Aeroflot: une paire de copilotes chevronnés est aux commandes manuelles pour une electronica douce et planante augmentée d’une voix aérienne et hypnotique.
Pour les infatigables, la fête se poursuit à l’Abri, à deux pas de l’Alhambra, jusqu’au petit matin.
5 juin
La venue à Genève de Sergei Babayan constitue un événement exceptionnel. Le grand pianiste arménien délivre une lecture des Variations Goldberg de Bach prodigieuse de limpidité et de ferveur.
6 juin
Deux chefs-d’œuvre résonneront dans le cadre serein du Temple de la Madeleine. L’un reconnu: le merveilleux Quintette à cordes de Schubert, l’autre méconnu: la seconde Sonate pour violon et piano de Fauré. Moins jouée que la première Sonate, cette œuvre est pourtant une des pages les plus personnelles et bouleversantes du compositeur français.
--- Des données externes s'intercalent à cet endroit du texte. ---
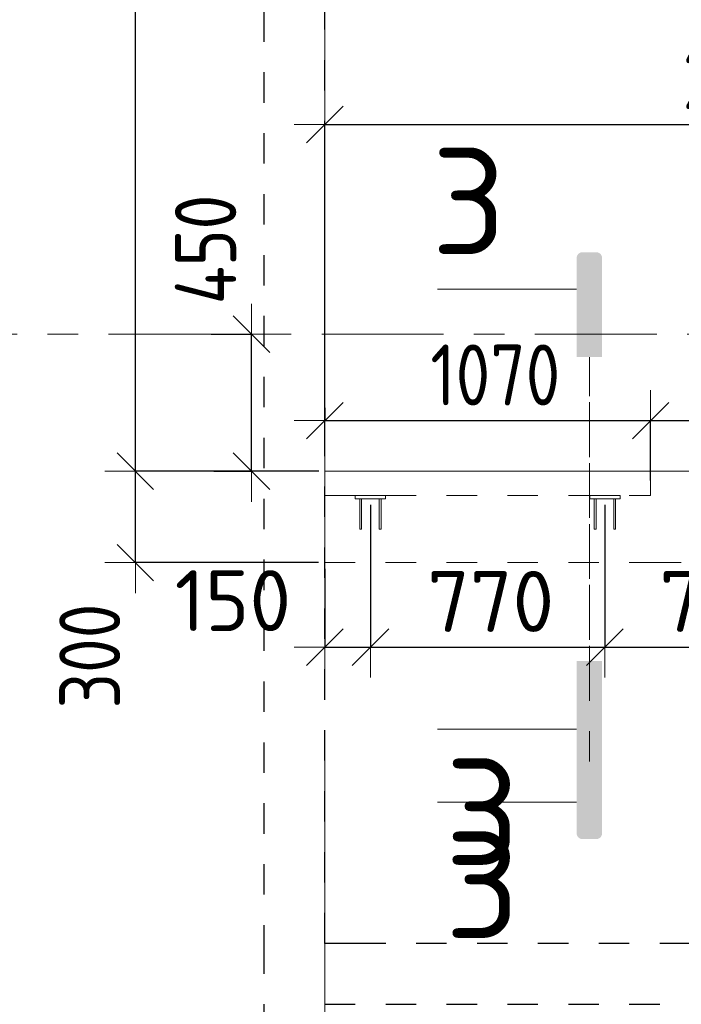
# Model space of a CAD drawing. Header units: metres. Extents: x -38 to 97, y -15 to 21.
# Tile 27 of 139: x 18.08 to 20.25, y 10.6 to 13.83. Entities that reach past the tile are written whole.
import ezdxf

# ---------------------------------------------------------------- set-up
doc = ezdxf.new("R2010")
doc.units = ezdxf.units.M
doc.header["$PDMODE"] = 65
for name, pattern in [('______11', [0.5, 0.4, -0.05, 0, -0.05]), ('______2', [0.054, 0.04, -0.014]), ('______3', [0.1, 0.08, -0.02]), ('______5', [1.1, 0.8, -0.1, 0.1, -0.1]), ('______9', [0.02, 0, -0.02])]:
    doc.linetypes.add(name, pattern=pattern)
for name, color, linetype, lineweight in [('XR$2$Осевая линия (1)', 7, '______5', 13), ('XR$3$Балка (1)', 7, '______3', 13), ('XR$3$Перекрытие (1)', 7, 'Continuous', 35), ('XR$4$Перекрытие_ Сборный элемент', 7, 'Continuous', 35), ('XR$4$Размерная линия (1)', 7, 'Continuous', 13), ('XR$5$Перекрытие_ Сборный элемент', 7, 'Continuous', 35), ('XR$5$Размерная линия (1)', 7, 'Continuous', 13)]:
    doc.layers.add(name, color=color, linetype=linetype, lineweight=lineweight)
doc.layers.add('XR$7$Стена_ бетон несущ.', color=7, linetype='Continuous', lineweight=70, true_color=0xb4b496)
doc.styles.add('ISOCPEUR', font='txt')
doc.dimstyles.new('DIMSTYLE_3', dxfattribs={"dimtxt": 0.2, "dimasz": 0.2, "dimexe": 0, "dimexo": 0, "dimgap": 0.1, "dimtad": 2, "dimdec": 0, "dimlfac": 1000, "dimrnd": 5, "dimzin": 12, "dimdsep": 46, "dimtxsty": 'ISOCPEUR', "dimblk1": 'ALL_ML_STRICH', "dimblk2": 'ALL_ML_STRICH', "dimsah": 1, "dimcen": 0, "dimclrd": 7, "dimclre": 256, "dimclrt": 7, "dimadec": 0, "dimazin": 0, "dimtfac": 1, "dimtdec": 0, "dimtix": 1, "dimtmove": 2, "dimatfit": 3, "dimfxl": 0, "dimtzin": 0, "dimlwd": 0, "dimlwe": -3, "dimarcsym": 0})
doc.dimstyles.new('DIMSTYLE_6', dxfattribs={"dimtxt": 0.2, "dimasz": 0.2, "dimexe": 0, "dimexo": 0, "dimgap": 0.1, "dimtad": 2, "dimdec": 0, "dimlfac": 1000, "dimrnd": 5, "dimzin": 12, "dimdsep": 46, "dimtxsty": 'ISOCPEUR', "dimblk1": 'ALL_ML_STRICH', "dimblk2": 'ALL_ML_STRICH', "dimsah": 1, "dimcen": 0, "dimclrd": 7, "dimclre": 256, "dimclrt": 7, "dimadec": 0, "dimazin": 0, "dimtfac": 1, "dimtdec": 0, "dimtix": 1, "dimtmove": 2, "dimatfit": 3, "dimfxl": 0, "dimtvp": 1.2, "dimtzin": 0, "dimlwd": 0, "dimlwe": -3, "dimarcsym": 0})

# ---------------------------------------------------------------- blocks, each defined once
blk = doc.blocks.new('ALL_ML_STRICH')
at = {"color": 0, "linetype": 'ByBlock', "lineweight": -2}
for p, q in [((0, -0.5), (0, 0.5)), ((-0.3, -0.3), (0.3, 0.3)), ((-1, 0), (0.5, 0))]:
    blk.add_line(p, q, dxfattribs=at)
blk = doc.blocks.new('*D246')
at = {"layer": 'DEFPOINTS', "color": 7, "linetype": 'Continuous', "lineweight": 13, "transparency": 33554687}
for p in [(19.08, 13.4888), (19.08, 12.452), (21.88, 12.3)]:
    blk.add_point(p, dxfattribs=at)
at = {"layer": 'XR$4$Размерная линия (1)', "color": 9, "linetype": 'Continuous', "lineweight": -2, "true_color": 0xc7c7c7, "transparency": 33554687}
for p, q in [((19.08, 12.472), (19.08, 13.4888)), ((21.88, 12.32), (21.88, 13.4888))]:
    blk.add_line(p, q, dxfattribs=at)
at = {"layer": 'XR$4$Размерная линия (1)', "color": 7, "linetype": 'Continuous', "lineweight": -2, "transparency": 33554687}
blk.add_line((19.08, 13.4888), (21.88, 13.4888), dxfattribs=at)
at = {"layer": 'XR$4$Размерная линия (1)', "color": 7, "linetype": 'Continuous', "lineweight": 13, "transparency": 33554687, "xscale": 0.2, "yscale": 0.2, "zscale": 0.2, "rotation": 180}
blk.add_blockref('ALL_ML_STRICH', (19.08, 13.4888), dxfattribs=at)
at = {"layer": 'XR$4$Размерная линия (1)', "color": 7, "linetype": 'Continuous', "lineweight": 13, "transparency": 33554687, "xscale": 0.2, "yscale": 0.2, "zscale": 0.2}
blk.add_blockref('ALL_ML_STRICH', (21.88, 13.4888), dxfattribs=at)
at = {"layer": 'XR$4$Размерная линия (1)', "color": 7, "linetype": 'Continuous', "lineweight": 13, "transparency": 33554687, "insert": (20.4883, 13.6388), "char_height": 0.2, "width": 0.666667, "attachment_point": 5, "style": 'ISOCPEUR'}
blk.add_mtext('\\W0.83;\\A1;{2800}', dxfattribs=at)
blk = doc.blocks.new('*D250')
at = {"layer": 'DEFPOINTS', "color": 7, "linetype": 'Continuous', "lineweight": 13, "transparency": 33554687}
for p in [(19.08, 12.5784), (19.08, 12.5163), (20.15, 12.3)]:
    blk.add_point(p, dxfattribs=at)
at = {"layer": 'XR$4$Размерная линия (1)', "color": 9, "linetype": 'Continuous', "lineweight": -2, "true_color": 0xc7c7c7, "transparency": 33554687}
for p, q in [((19.08, 12.5584), (19.08, 12.5163)), ((20.15, 12.32), (20.15, 12.5163))]:
    blk.add_line(p, q, dxfattribs=at)
at = {"layer": 'XR$4$Размерная линия (1)', "color": 7, "linetype": 'Continuous', "lineweight": -2, "transparency": 33554687}
blk.add_line((19.08, 12.5163), (20.15, 12.5163), dxfattribs=at)
at = {"layer": 'XR$4$Размерная линия (1)', "color": 7, "linetype": 'Continuous', "lineweight": 13, "transparency": 33554687, "xscale": 0.2, "yscale": 0.2, "zscale": 0.2, "rotation": 180}
blk.add_blockref('ALL_ML_STRICH', (19.08, 12.5163), dxfattribs=at)
at = {"layer": 'XR$4$Размерная линия (1)', "color": 7, "linetype": 'Continuous', "lineweight": 13, "transparency": 33554687, "xscale": 0.2, "yscale": 0.2, "zscale": 0.2}
blk.add_blockref('ALL_ML_STRICH', (20.15, 12.5163), dxfattribs=at)
at = {"layer": 'XR$4$Размерная линия (1)', "color": 7, "linetype": 'Continuous', "lineweight": 13, "transparency": 33554687, "insert": (19.64, 12.6663), "char_height": 0.2, "width": 0.666667, "attachment_point": 5, "style": 'ISOCPEUR'}
blk.add_mtext('\\W0.83;\\A1;{1070}', dxfattribs=at)
blk = doc.blocks.new('*D251')
at = {"layer": 'DEFPOINTS', "color": 7, "linetype": 'Continuous', "lineweight": 13, "transparency": 33554687}
for p in [(20.15, 12.5163), (20.15, 12.3), (21.68, 12.3)]:
    blk.add_point(p, dxfattribs=at)
at = {"layer": 'XR$4$Размерная линия (1)', "color": 9, "linetype": 'Continuous', "lineweight": -2, "true_color": 0xc7c7c7, "transparency": 33554687}
for p, q in [((20.15, 12.32), (20.15, 12.5163)), ((21.68, 12.32), (21.68, 12.5163))]:
    blk.add_line(p, q, dxfattribs=at)
at = {"layer": 'XR$4$Размерная линия (1)', "color": 7, "linetype": 'Continuous', "lineweight": -2, "transparency": 33554687}
blk.add_line((20.15, 12.5163), (21.68, 12.5163), dxfattribs=at)
at = {"layer": 'XR$4$Размерная линия (1)', "color": 7, "linetype": 'Continuous', "lineweight": 13, "transparency": 33554687, "xscale": 0.2, "yscale": 0.2, "zscale": 0.2, "rotation": 180}
blk.add_blockref('ALL_ML_STRICH', (20.15, 12.5163), dxfattribs=at)
at = {"layer": 'XR$4$Размерная линия (1)', "color": 7, "linetype": 'Continuous', "lineweight": 13, "transparency": 33554687, "xscale": 0.2, "yscale": 0.2, "zscale": 0.2}
blk.add_blockref('ALL_ML_STRICH', (21.68, 12.5163), dxfattribs=at)
at = {"layer": 'XR$4$Размерная линия (1)', "color": 7, "linetype": 'Continuous', "lineweight": 13, "transparency": 33554687, "insert": (20.94, 12.6663), "char_height": 0.2, "width": 0.666667, "attachment_point": 5, "style": 'ISOCPEUR'}
blk.add_mtext('\\W0.83;\\A1;{1530}', dxfattribs=at)
blk = doc.blocks.new('СЛОЖНЫЙ_ОБЪЕКТ_1')
at = {"layer": 'XR$4$Перекрытие_ Сборный элемент', "color": 7, "linetype": 'Continuous', "lineweight": 13, "transparency": 33554687}
for points in [[(19.1799, 12.26), (19.2799, 12.26), (19.2799, 12.27), (19.1799, 12.27), (19.1799, 12.26)], [(19.1949, 12.26), (19.2009, 12.26), (19.2009, 12.16), (19.1949, 12.16), (19.1949, 12.26)], [(19.2649, 12.26), (19.2589, 12.26), (19.2589, 12.16), (19.2649, 12.16), (19.2649, 12.26)]]:
    blk.add_lwpolyline(points, close=True, dxfattribs=at)
blk = doc.blocks.new('СЛОЖНЫЙ_ОБЪЕКТ_2')
at = {"layer": 'XR$4$Перекрытие_ Сборный элемент', "color": 7, "linetype": 'Continuous', "lineweight": 13, "transparency": 33554687}
for points in [[(19.9499, 12.26), (20.0499, 12.26), (20.0499, 12.27), (19.9499, 12.27), (19.9499, 12.26)], [(19.9649, 12.26), (19.9709, 12.26), (19.9709, 12.16), (19.9649, 12.16), (19.9649, 12.26)], [(20.0349, 12.26), (20.0289, 12.26), (20.0289, 12.16), (20.0349, 12.16), (20.0349, 12.26)]]:
    blk.add_lwpolyline(points, close=True, dxfattribs=at)
blk = doc.blocks.new('*D352')
at = {"layer": 'DEFPOINTS', "color": 7, "linetype": 'Continuous', "lineweight": 13, "transparency": 33554687}
for p in [(18.8806, 16.65), (18.4581, 12.35), (19.0799, 12.35)]:
    blk.add_point(p, dxfattribs=at)
at = {"layer": 'XR$4$Размерная линия (1)', "color": 9, "linetype": 'Continuous', "lineweight": -2, "true_color": 0xc7c7c7, "transparency": 33554687}
for p, q in [((18.8606, 16.65), (18.4581, 16.65)), ((19.0599, 12.35), (18.4581, 12.35))]:
    blk.add_line(p, q, dxfattribs=at)
at = {"layer": 'XR$4$Размерная линия (1)', "color": 7, "linetype": 'Continuous', "lineweight": -2, "transparency": 33554687}
blk.add_line((18.4581, 12.35), (18.4581, 16.65), dxfattribs=at)
at = {"layer": 'XR$4$Размерная линия (1)', "color": 7, "linetype": 'Continuous', "lineweight": 13, "transparency": 33554687, "xscale": 0.2, "yscale": 0.2, "zscale": 0.2}
for p, rotation in [((18.4581, 16.65), 90), ((18.4581, 12.35), 270)]:
    blk.add_blockref('ALL_ML_STRICH', p, dxfattribs=dict(at, rotation=rotation))
at = {"layer": 'XR$4$Размерная линия (1)', "color": 7, "linetype": 'Continuous', "lineweight": 13, "transparency": 33554687, "insert": (18.3081, 14.5), "char_height": 0.2, "width": 0.666667, "attachment_point": 5, "rotation": 90, "style": 'ISOCPEUR'}
blk.add_mtext('\\W0.83;\\A1;{4300}', dxfattribs=at)
blk = doc.blocks.new('*D353')
at = {"layer": 'DEFPOINTS', "color": 7, "linetype": 'Continuous', "lineweight": 13, "transparency": 33554687}
for p in [(18.6868, 12.8), (18.8394, 12.35), (19.08, 12.35)]:
    blk.add_point(p, dxfattribs=at)
at = {"layer": 'XR$4$Размерная линия (1)', "color": 9, "linetype": 'Continuous', "lineweight": -2, "true_color": 0xc7c7c7, "transparency": 33554687}
for p, q in [((18.7068, 12.8), (18.8394, 12.8)), ((19.06, 12.35), (18.8394, 12.35))]:
    blk.add_line(p, q, dxfattribs=at)
at = {"layer": 'XR$4$Размерная линия (1)', "color": 7, "linetype": 'Continuous', "lineweight": -2, "transparency": 33554687}
blk.add_line((18.8394, 12.35), (18.8394, 12.8), dxfattribs=at)
at = {"layer": 'XR$4$Размерная линия (1)', "color": 7, "linetype": 'Continuous', "lineweight": 13, "transparency": 33554687, "xscale": 0.2, "yscale": 0.2, "zscale": 0.2}
for p, rotation in [((18.8394, 12.8), 90), ((18.8394, 12.35), 270)]:
    blk.add_blockref('ALL_ML_STRICH', p, dxfattribs=dict(at, rotation=rotation))
at = {"layer": 'XR$4$Размерная линия (1)', "color": 7, "linetype": 'Continuous', "lineweight": 13, "transparency": 33554687, "insert": (18.6893, 13.0778), "char_height": 0.2, "width": 0.5, "attachment_point": 5, "rotation": 90, "style": 'ISOCPEUR'}
blk.add_mtext('\\W0.83;\\A1;{450}', dxfattribs=at)
blk = doc.blocks.new('*D357')
at = {"layer": 'DEFPOINTS', "color": 7, "linetype": 'Continuous', "lineweight": 13, "transparency": 33554687}
for p in [(19.2299, 12.26), (19.0799, 12.05), (19.0799, 11.7727)]:
    blk.add_point(p, dxfattribs=at)
at = {"layer": 'XR$4$Размерная линия (1)', "color": 9, "linetype": 'Continuous', "lineweight": -2, "true_color": 0xc7c7c7, "transparency": 33554687}
for p, q in [((19.2299, 12.24), (19.2299, 11.7727)), ((19.0799, 12.03), (19.0799, 11.7727))]:
    blk.add_line(p, q, dxfattribs=at)
at = {"layer": 'XR$4$Размерная линия (1)', "color": 7, "linetype": 'Continuous', "lineweight": -2, "transparency": 33554687}
blk.add_line((19.0799, 11.7727), (19.2299, 11.7727), dxfattribs=at)
at = {"layer": 'XR$4$Размерная линия (1)', "color": 7, "linetype": 'Continuous', "lineweight": 13, "transparency": 33554687, "xscale": 0.2, "yscale": 0.2, "zscale": 0.2, "rotation": 180}
blk.add_blockref('ALL_ML_STRICH', (19.0799, 11.7727), dxfattribs=at)
at = {"layer": 'XR$4$Размерная линия (1)', "color": 7, "linetype": 'Continuous', "lineweight": 13, "transparency": 33554687, "xscale": 0.2, "yscale": 0.2, "zscale": 0.2}
blk.add_blockref('ALL_ML_STRICH', (19.2299, 11.7727), dxfattribs=at)
at = {"layer": 'XR$4$Размерная линия (1)', "color": 7, "linetype": 'Continuous', "lineweight": 13, "transparency": 33554687, "insert": (18.7783, 11.9253), "char_height": 0.2, "width": 0.6, "attachment_point": 5, "style": 'ISOCPEUR'}
blk.add_mtext('\\A1;{150}', dxfattribs=at)
blk = doc.blocks.new('*D358')
at = {"layer": 'DEFPOINTS', "color": 7, "linetype": 'Continuous', "lineweight": 13, "transparency": 33554687}
for p in [(19.2299, 12.26), (19.9999, 12.26), (19.2299, 11.7727)]:
    blk.add_point(p, dxfattribs=at)
at = {"layer": 'XR$4$Размерная линия (1)', "color": 9, "linetype": 'Continuous', "lineweight": -2, "true_color": 0xc7c7c7, "transparency": 33554687}
for p, q in [((19.2299, 12.24), (19.2299, 11.7727)), ((19.9999, 12.24), (19.9999, 11.7727))]:
    blk.add_line(p, q, dxfattribs=at)
at = {"layer": 'XR$4$Размерная линия (1)', "color": 7, "linetype": 'Continuous', "lineweight": -2, "transparency": 33554687}
blk.add_line((19.2299, 11.7727), (19.9999, 11.7727), dxfattribs=at)
at = {"layer": 'XR$4$Размерная линия (1)', "color": 7, "linetype": 'Continuous', "lineweight": 13, "transparency": 33554687, "xscale": 0.2, "yscale": 0.2, "zscale": 0.2, "rotation": 180}
blk.add_blockref('ALL_ML_STRICH', (19.2299, 11.7727), dxfattribs=at)
at = {"layer": 'XR$4$Размерная линия (1)', "color": 7, "linetype": 'Continuous', "lineweight": 13, "transparency": 33554687, "xscale": 0.2, "yscale": 0.2, "zscale": 0.2}
blk.add_blockref('ALL_ML_STRICH', (19.9999, 11.7727), dxfattribs=at)
at = {"layer": 'XR$4$Размерная линия (1)', "color": 7, "linetype": 'Continuous', "lineweight": 13, "transparency": 33554687, "insert": (19.6249, 11.9227), "char_height": 0.2, "width": 0.6, "attachment_point": 5, "style": 'ISOCPEUR'}
blk.add_mtext('\\A1;{770}', dxfattribs=at)
blk = doc.blocks.new('*D359')
at = {"layer": 'DEFPOINTS', "color": 7, "linetype": 'Continuous', "lineweight": 13, "transparency": 33554687}
for p in [(19.9999, 12.26), (20.7599, 12.19), (19.9999, 11.7727)]:
    blk.add_point(p, dxfattribs=at)
at = {"layer": 'XR$4$Размерная линия (1)', "color": 9, "linetype": 'Continuous', "lineweight": -2, "true_color": 0xc7c7c7, "transparency": 33554687}
for p, q in [((19.9999, 12.24), (19.9999, 11.7727)), ((20.7599, 12.17), (20.7599, 11.7727))]:
    blk.add_line(p, q, dxfattribs=at)
at = {"layer": 'XR$4$Размерная линия (1)', "color": 7, "linetype": 'Continuous', "lineweight": -2, "transparency": 33554687}
blk.add_line((19.9999, 11.7727), (20.7599, 11.7727), dxfattribs=at)
at = {"layer": 'XR$4$Размерная линия (1)', "color": 7, "linetype": 'Continuous', "lineweight": 13, "transparency": 33554687, "xscale": 0.2, "yscale": 0.2, "zscale": 0.2, "rotation": 180}
blk.add_blockref('ALL_ML_STRICH', (19.9999, 11.7727), dxfattribs=at)
at = {"layer": 'XR$4$Размерная линия (1)', "color": 7, "linetype": 'Continuous', "lineweight": 13, "transparency": 33554687, "xscale": 0.2, "yscale": 0.2, "zscale": 0.2}
blk.add_blockref('ALL_ML_STRICH', (20.7599, 11.7727), dxfattribs=at)
at = {"layer": 'XR$4$Размерная линия (1)', "color": 7, "linetype": 'Continuous', "lineweight": 13, "transparency": 33554687, "insert": (20.3899, 11.9227), "char_height": 0.2, "width": 0.6, "attachment_point": 5, "style": 'ISOCPEUR'}
blk.add_mtext('\\A1;{760}', dxfattribs=at)
blk = doc.blocks.new('*D581')
at = {"layer": 'DEFPOINTS', "color": 7, "linetype": 'Continuous', "lineweight": 13, "transparency": 33554687}
for p in [(19.08, 13.4888), (19.08, 12.452), (21.88, 12.3)]:
    blk.add_point(p, dxfattribs=at)
at = {"layer": 'XR$5$Размерная линия (1)', "color": 9, "linetype": 'Continuous', "lineweight": -2, "true_color": 0xc7c7c7, "transparency": 33554687}
for p, q in [((19.08, 12.472), (19.08, 13.4888)), ((21.88, 12.32), (21.88, 13.4888))]:
    blk.add_line(p, q, dxfattribs=at)
at = {"layer": 'XR$5$Размерная линия (1)', "color": 7, "linetype": 'Continuous', "lineweight": -2, "transparency": 33554687}
blk.add_line((19.08, 13.4888), (21.88, 13.4888), dxfattribs=at)
at = {"layer": 'XR$5$Размерная линия (1)', "color": 7, "linetype": 'Continuous', "lineweight": 13, "transparency": 33554687, "xscale": 0.2, "yscale": 0.2, "zscale": 0.2, "rotation": 180}
blk.add_blockref('ALL_ML_STRICH', (19.08, 13.4888), dxfattribs=at)
at = {"layer": 'XR$5$Размерная линия (1)', "color": 7, "linetype": 'Continuous', "lineweight": 13, "transparency": 33554687, "xscale": 0.2, "yscale": 0.2, "zscale": 0.2}
blk.add_blockref('ALL_ML_STRICH', (21.88, 13.4888), dxfattribs=at)
at = {"layer": 'XR$5$Размерная линия (1)', "color": 7, "linetype": 'Continuous', "lineweight": 13, "transparency": 33554687, "insert": (20.4883, 13.6388), "char_height": 0.2, "width": 0.666667, "attachment_point": 5, "style": 'ISOCPEUR'}
blk.add_mtext('\\W0.83;\\A1;{2800}', dxfattribs=at)
blk = doc.blocks.new('СЛОЖНЫЙ_ОБЪЕКТ_5')
at = {"layer": 'XR$5$Перекрытие_ Сборный элемент', "color": 7, "linetype": 'Continuous', "lineweight": 13, "transparency": 33554687}
for points in [[(19.1799, 12.26), (19.2799, 12.26), (19.2799, 12.27), (19.1799, 12.27), (19.1799, 12.26)], [(19.1949, 12.26), (19.2009, 12.26), (19.2009, 12.16), (19.1949, 12.16), (19.1949, 12.26)], [(19.2649, 12.26), (19.2589, 12.26), (19.2589, 12.16), (19.2649, 12.16), (19.2649, 12.26)]]:
    blk.add_lwpolyline(points, close=True, dxfattribs=at)
blk = doc.blocks.new('СЛОЖНЫЙ_ОБЪЕКТ_6')
at = {"layer": 'XR$5$Перекрытие_ Сборный элемент', "color": 7, "linetype": 'Continuous', "lineweight": 13, "transparency": 33554687}
for points in [[(19.9499, 12.26), (20.0499, 12.26), (20.0499, 12.27), (19.9499, 12.27), (19.9499, 12.26)], [(19.9649, 12.26), (19.9709, 12.26), (19.9709, 12.16), (19.9649, 12.16), (19.9649, 12.26)], [(20.0349, 12.26), (20.0289, 12.26), (20.0289, 12.16), (20.0349, 12.16), (20.0349, 12.26)]]:
    blk.add_lwpolyline(points, close=True, dxfattribs=at)
blk = doc.blocks.new('*D716')
at = {"layer": 'DEFPOINTS', "color": 7, "linetype": 'Continuous', "lineweight": 13, "transparency": 33554687}
for p in [(19.2299, 12.26), (19.0799, 12.05), (19.0799, 11.7727)]:
    blk.add_point(p, dxfattribs=at)
at = {"layer": 'XR$5$Размерная линия (1)', "color": 9, "linetype": 'Continuous', "lineweight": -2, "true_color": 0xc7c7c7, "transparency": 33554687}
for p, q in [((19.2299, 12.24), (19.2299, 11.7727)), ((19.0799, 12.03), (19.0799, 11.7727))]:
    blk.add_line(p, q, dxfattribs=at)
at = {"layer": 'XR$5$Размерная линия (1)', "color": 7, "linetype": 'Continuous', "lineweight": -2, "transparency": 33554687}
blk.add_line((19.0799, 11.7727), (19.2299, 11.7727), dxfattribs=at)
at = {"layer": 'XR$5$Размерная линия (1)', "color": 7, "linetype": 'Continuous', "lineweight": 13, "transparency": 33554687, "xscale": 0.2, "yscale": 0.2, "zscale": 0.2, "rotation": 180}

Des jeunes musiciens de grand talent seront les interprètes de ce sublime programme: le sensible Quatuor Cavatine; le prodige du violoncelle Edgar Moreau; les très fauréens Pierre Fouchenneret et Simon Zaoui.
En seconde partie, ciné-concert: CLIM8 est un documentaire expérimental sur les changements climatiques, fruit d’une collaboration entre le musicien Arnaud Sponar, une marionnettiste et deux vidéastes new-yorkais. Le moyen métrage se déroule en quatre volets: l’air, l’eau, les changements et une «brûlure» finale.
7 juin
Le pianiste lyonnais Wilhelm Latchoumia propose un récital tout à la fois ludique et poétique, qui confronte très grand et très petit pianos.
Ciné-concert, encore: en entrée, trois courts-métrages dadaïstes illustrés en musique par les sons électriques et oniriques de Pol, et le piano improvisé de Valentin Peiry.
Plat de résistance: «Three Ages», film attachant de Buster Keaton qui explore l’intemporalité de l’amour au prisme de trois époques historiques. Chacune des trois parties est confiée à un pianiste improvisateur. Trois âges, trois styles: un jeu de passe-passe excitant auquel se prêteront David Marteau, Lucas Buclin et Pierre Mancinelli.
8 juin
Deux œuvres phares du XXè siècle seront interprétées par le Lemanic Modern Ensemble, sous la direction de William Blank: Les Folk Songs de Berio, avec la voix chaleureuse de Clémentine Margaine, et Vortex Temporum de Grisey, avec Cédric Pescia au piano. Grand écart esthétique entre le folklore imaginaire du compositeur italien et la musique fascinante d’un des inventeurs du spectralisme, dans laquelle le temps se distend progressivement et finit par se suspendre.
Nourri de soufisme, de chant liturgique et d’électro-jazz, le célèbre oudiste Dhafer Youssef choisit de faire de sa voix un instrument qui, au gré de rencontres et de complicités musicales, se situe à la croisée du lyrisme oriental et du jazz contemporain. En concert, ses aigus stupéfiants, ses mélodies et ses sons hallucinants déploient une musique d’une grande luminosité.
Et en troisième partie de soirée, on dansera sur les rythmes étourdissants de DJ Garance.
9 juin
Soirée fastueuse pour clore le festival: la rencontre entre les pianistes David Fray et Audrey Vigoureux, accompagnés par l’Orchestre de Chambre de Genève, dans une interprétation inédite des concertos à deux claviers de Bach. Un concert hautement jubilatoire en perspective.
Découvert aux côtés d’Avishai Cohen, Shai Maestro est un titan de technique et de polyvalence. Il n’est jamais aussi créatif et convaincant que quand il joue ses compositions au sein de son propre trio et profite de l’entente avec Jorge Roeder et Ziv Ravitz pour emmener son jeu vers les extrêmes, de la restriction minimaliste à la dissonance ou l’exubérance percussive.
Le duo «Qoniak» marie des sons de machines analogiques à des trames rythmiques ingénieuses pour former une musique improvisée urbaine dans laquelle éléments de groove et expériences sonores atmosphériques envoûtent le public.
La fête de clôture aura lieu à l’Abri, ultime occasion pour les festivaliers de se retrouver et de danser jusqu’au bout de la nuit.